In terms of the weird question however, the problem is that Hoag’s Object is only 9M light years away (vs Andromeda’s 2M, and that’s part of why we easily see it. Picking it out uniquely from 8000M light years away would be a totally other thing. Also, it is only visible if you see it from the poles rather than the edges, which is another reason it isn’t a very good universal signal.
5. Black hole collisions have never been attributed to aliens, to my knowledge. However, they are obviously big and awesome and get a lot of news. If you could survey moderately sized black holes in your galaxy and nudge them around in a controlled way you might have a partial solution? Timed collisions would be hard to deny were aliens I think. Imagine:
Chirp! (then wait 16.30 days)
Chirp! (2.32 days) Chirp! (then wait another 16.30 days)
Chirp! (2.32 days) Chirp! (2.32 days) Chirp!

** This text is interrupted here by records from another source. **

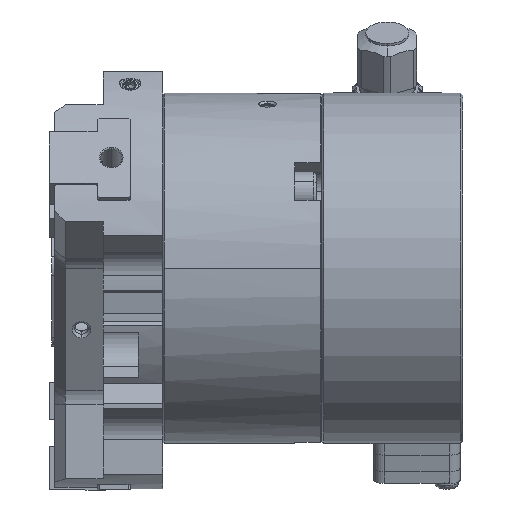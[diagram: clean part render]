
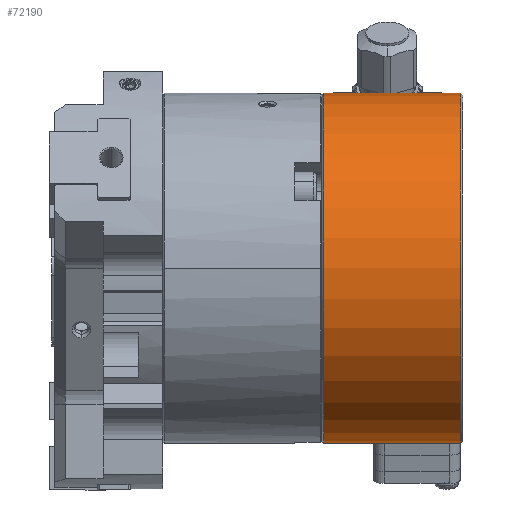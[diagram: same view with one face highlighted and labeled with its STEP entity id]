
A CAD part, left-side view. The second image highlights one B-rep face of the part: STEP entity #72190.
In plain terms, the highlighted cylindrical face has radius 32.5 mm (diameter 65 mm), a partial arc.
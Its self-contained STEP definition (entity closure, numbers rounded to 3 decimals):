
#3351 = DIRECTION ( 'NONE',  ( 0., 0., 1. ) ) ;
#4406 = VERTEX_POINT ( 'NONE', #68491 ) ;
#4724 = DIRECTION ( 'NONE',  ( 0., 1., 0. ) ) ;
#6977 = EDGE_CURVE ( 'NONE', #13167, #4406, #17603, .T. ) ;
#8329 = DIRECTION ( 'NONE',  ( 0., 1., 0. ) ) ;
#9776 = CARTESIAN_POINT ( 'NONE',  ( 0., 25.8, 0. ) ) ;
#10927 = ORIENTED_EDGE ( 'NONE', *, *, #55628, .T. ) ;
#13167 = VERTEX_POINT ( 'NONE', #42678 ) ;
#15960 = CARTESIAN_POINT ( 'NONE',  ( 0., 0.4, -32.5 ) ) ;
#16567 = EDGE_CURVE ( 'NONE', #49335, #36916, #24951, .T. ) ;
#17603 = LINE ( 'NONE', #42792, #68129 ) ;
#22036 = CYLINDRICAL_SURFACE ( 'NONE', #82996, 32.5 ) ;
#23004 = ORIENTED_EDGE ( 'NONE', *, *, #6977, .T. ) ;
#23498 = EDGE_LOOP ( 'NONE', ( #57676, #10927, #23004, #61990 ) ) ;
#23862 = CIRCLE ( 'NONE', #71514, 32.5 ) ;
#24951 = LINE ( 'NONE', #50947, #78611 ) ;
#27910 = CARTESIAN_POINT ( 'NONE',  ( 0., 0.4, 0. ) ) ;
#27980 = DIRECTION ( 'NONE',  ( 0., 0., 1. ) ) ;
#28408 = FACE_OUTER_BOUND ( 'NONE', #23498, .T. ) ;
#28970 = CIRCLE ( 'NONE', #64337, 32.5 ) ;
#29013 = DIRECTION ( 'NONE',  ( 0., 1., 0. ) ) ;
#36916 = VERTEX_POINT ( 'NONE', #52458 ) ;
#42678 = CARTESIAN_POINT ( 'NONE',  ( 0., 0.4, 32.5 ) ) ;
#42792 = CARTESIAN_POINT ( 'NONE',  ( 0., 55., 32.5 ) ) ;
#49335 = VERTEX_POINT ( 'NONE', #15960 ) ;
#50947 = CARTESIAN_POINT ( 'NONE',  ( 0., 55., -32.5 ) ) ;
#52458 = CARTESIAN_POINT ( 'NONE',  ( 0., 25.8, -32.5 ) ) ;
#55628 = EDGE_CURVE ( 'NONE', #49335, #13167, #23862, .T. ) ;
#57676 = ORIENTED_EDGE ( 'NONE', *, *, #16567, .F. ) ;
#61990 = ORIENTED_EDGE ( 'NONE', *, *, #78017, .F. ) ;
#64337 = AXIS2_PLACEMENT_3D ( 'NONE', #9776, #29013, #3351 ) ;
#68129 = VECTOR ( 'NONE', #4724, 1000. ) ;
#68491 = CARTESIAN_POINT ( 'NONE',  ( 0., 25.8, 32.5 ) ) ;
#71514 = AXIS2_PLACEMENT_3D ( 'NONE', #27910, #79993, #80434 ) ;
#72190 = ADVANCED_FACE ( 'NONE', ( #28408 ), #22036, .T. ) ;
#76987 = DIRECTION ( 'NONE',  ( 0., 1., 0. ) ) ;
#78017 = EDGE_CURVE ( 'NONE', #36916, #4406, #28970, .T. ) ;
#78611 = VECTOR ( 'NONE', #76987, 1000. ) ;
#79637 = CARTESIAN_POINT ( 'NONE',  ( 0., 55., 0. ) ) ;
#79993 = DIRECTION ( 'NONE',  ( 0., 1., 0. ) ) ;
#80434 = DIRECTION ( 'NONE',  ( 0., 0., 1. ) ) ;
#82996 = AXIS2_PLACEMENT_3D ( 'NONE', #79637, #8329, #27980 ) ;
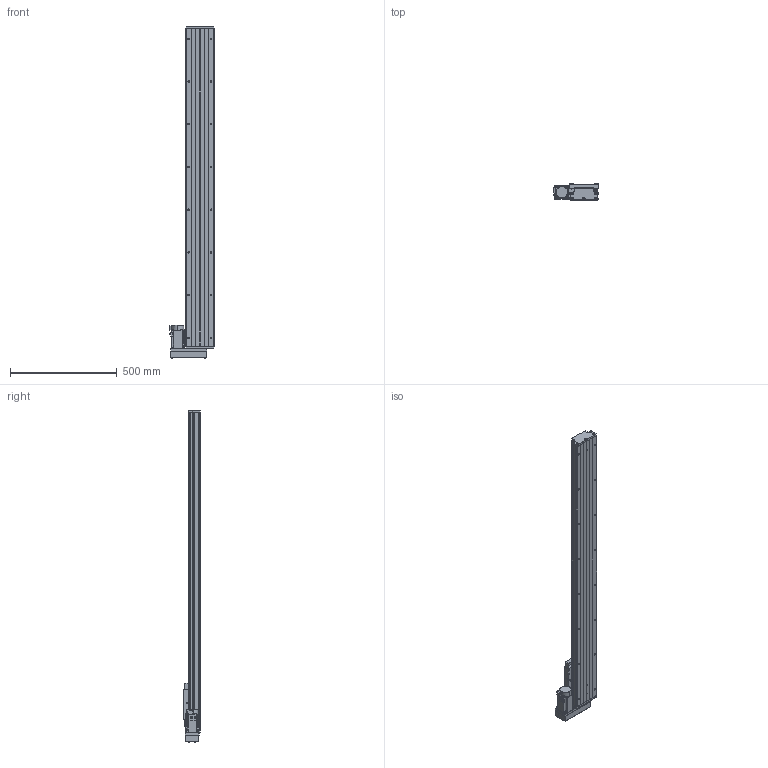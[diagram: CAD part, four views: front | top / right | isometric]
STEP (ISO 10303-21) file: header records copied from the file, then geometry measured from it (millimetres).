
FILE_DESCRIPTION (( 'STEP AP203' ), '1' );
FILE_NAME ('GTH14-1250-BL-M40-C4.step', '2023-06-30T08:38:39', ( '微软用户' ), ( '微软中国' ), 'SwSTEP 2.0', 'SolidWorks 2020', '' );
FILE_SCHEMA (( 'CONFIG_CONTROL_DESIGN' ));
Length unit declared in the file: millimetre
Products named in the file (19): EE_SX911P_R; HG-KN43J-S100; GTH14-002_GTH14-002; CTHA60-016; GBT 70.2-M4¡Á35_M4¡Á35; GTH14-004; GBT 70.1-M3℅5; GTH14-015-2_CTHA86-015-2; GTH14-005; GBT77-2000 M3×3; GTH14-033; GB1155-6X6; GTH14-031; GTH14-1250-BL-M40-C4; GBT70.1 M5℅16; GBT 70.2-M3¡Á5_M3¡Á6; CTHA60-017; す晦芛蹟隊 M3℅5; GTH14-001_1250
Assembly tree (58 placements, depth 2):
  GTH14-1250-BL-M40-C4
    GTH14-001_1250
    GTH14-002_GTH14-002
    GTH14-004
    GTH14-005
    GB1155-6X6  x2
    GBT70.1 M5℅16  x10
    CTHA60-017  x3
    EE_SX911P_R  x3
    CTHA60-016  x2
    GBT 70.1-M3℅5  x6
    GBT77-2000 M3×3  x6
    GTH14-031
    GBT 70.2-M3¡Á5_M3¡Á6  x8
    す晦芛蹟隊 M3℅5  x6
    HG-KN43J-S100
    GBT 70.2-M4¡Á35_M4¡Á35  x4
    GTH14-015-2_CTHA86-015-2
    GTH14-033
Bounding box: 209.3 x 78 x 1554.2 mm (x, y, z)
Volume: 8165815.9 mm3; surface area: 1286299.4 mm2
Topology: 61 solids, 61 shells, 2483 faces, 5905 edges, 3642 vertices
Faces by surface type: plane 1313, cylinder 680, cone 314, torus 124, sphere 32, bspline 20
Entity records: 45082 total; most frequent: CARTESIAN_POINT 10007, DIRECTION 6669, ORIENTED_EDGE 6500, EDGE_CURVE 3250, AXIS2_PLACEMENT_3D 2296, VECTOR 2077, LINE 2077, VERTEX_POINT 2060

You going to tell me that’s not an intentional “here I am!” signal? You can’t! :-P
From a long term signaling perspective (like to break through the Fermi Paradox by visibly declaring once and for all “intelligence existed!” before the Great Filter gets you) the problem here would be that this would be a one time signal that only communicates to a small shell of stars a precise distance away.
Many such events could have occurred before humans could hear them, and many might exist after we go extinct, with us none the wiser :-/
6. Gamma Ray Bursts are more usually associated with death and life. Basically they are so bright that they would probably cause mass extinctions in their home galaxies.
However, if you could figure out a way to cause them (not that hard? just crash neutron stars into each other in head on collisions?) and somehow survive a series of six-ish closely timed blasts then it could work like black holes, but way more obvious. No theory of relativity is even required to know to build a gravity wave detector! Black holes are still probably better in terms of style points, because their collisions don’t seem to cause mass extinctions :-P
---
Anyway, my point is that all of these are thing that have already come to mainstream scientific human attention and caused lots of exploratory interest and analysis.
ALSO, all of them have been more or less dismissed by mainstream astronomers as being conclusive evidence of extraterrestrial civilizations.
ALSO, I don’t instantly see super obvious ways to twist any of these things around to function as a clean cut answer to the weird question where a short-lived Kardashev Type III species with our physics and material science (but better and more manufacturing capacity) could set something up, have it persist after the Great Filter gets them, and signal to everyone forever.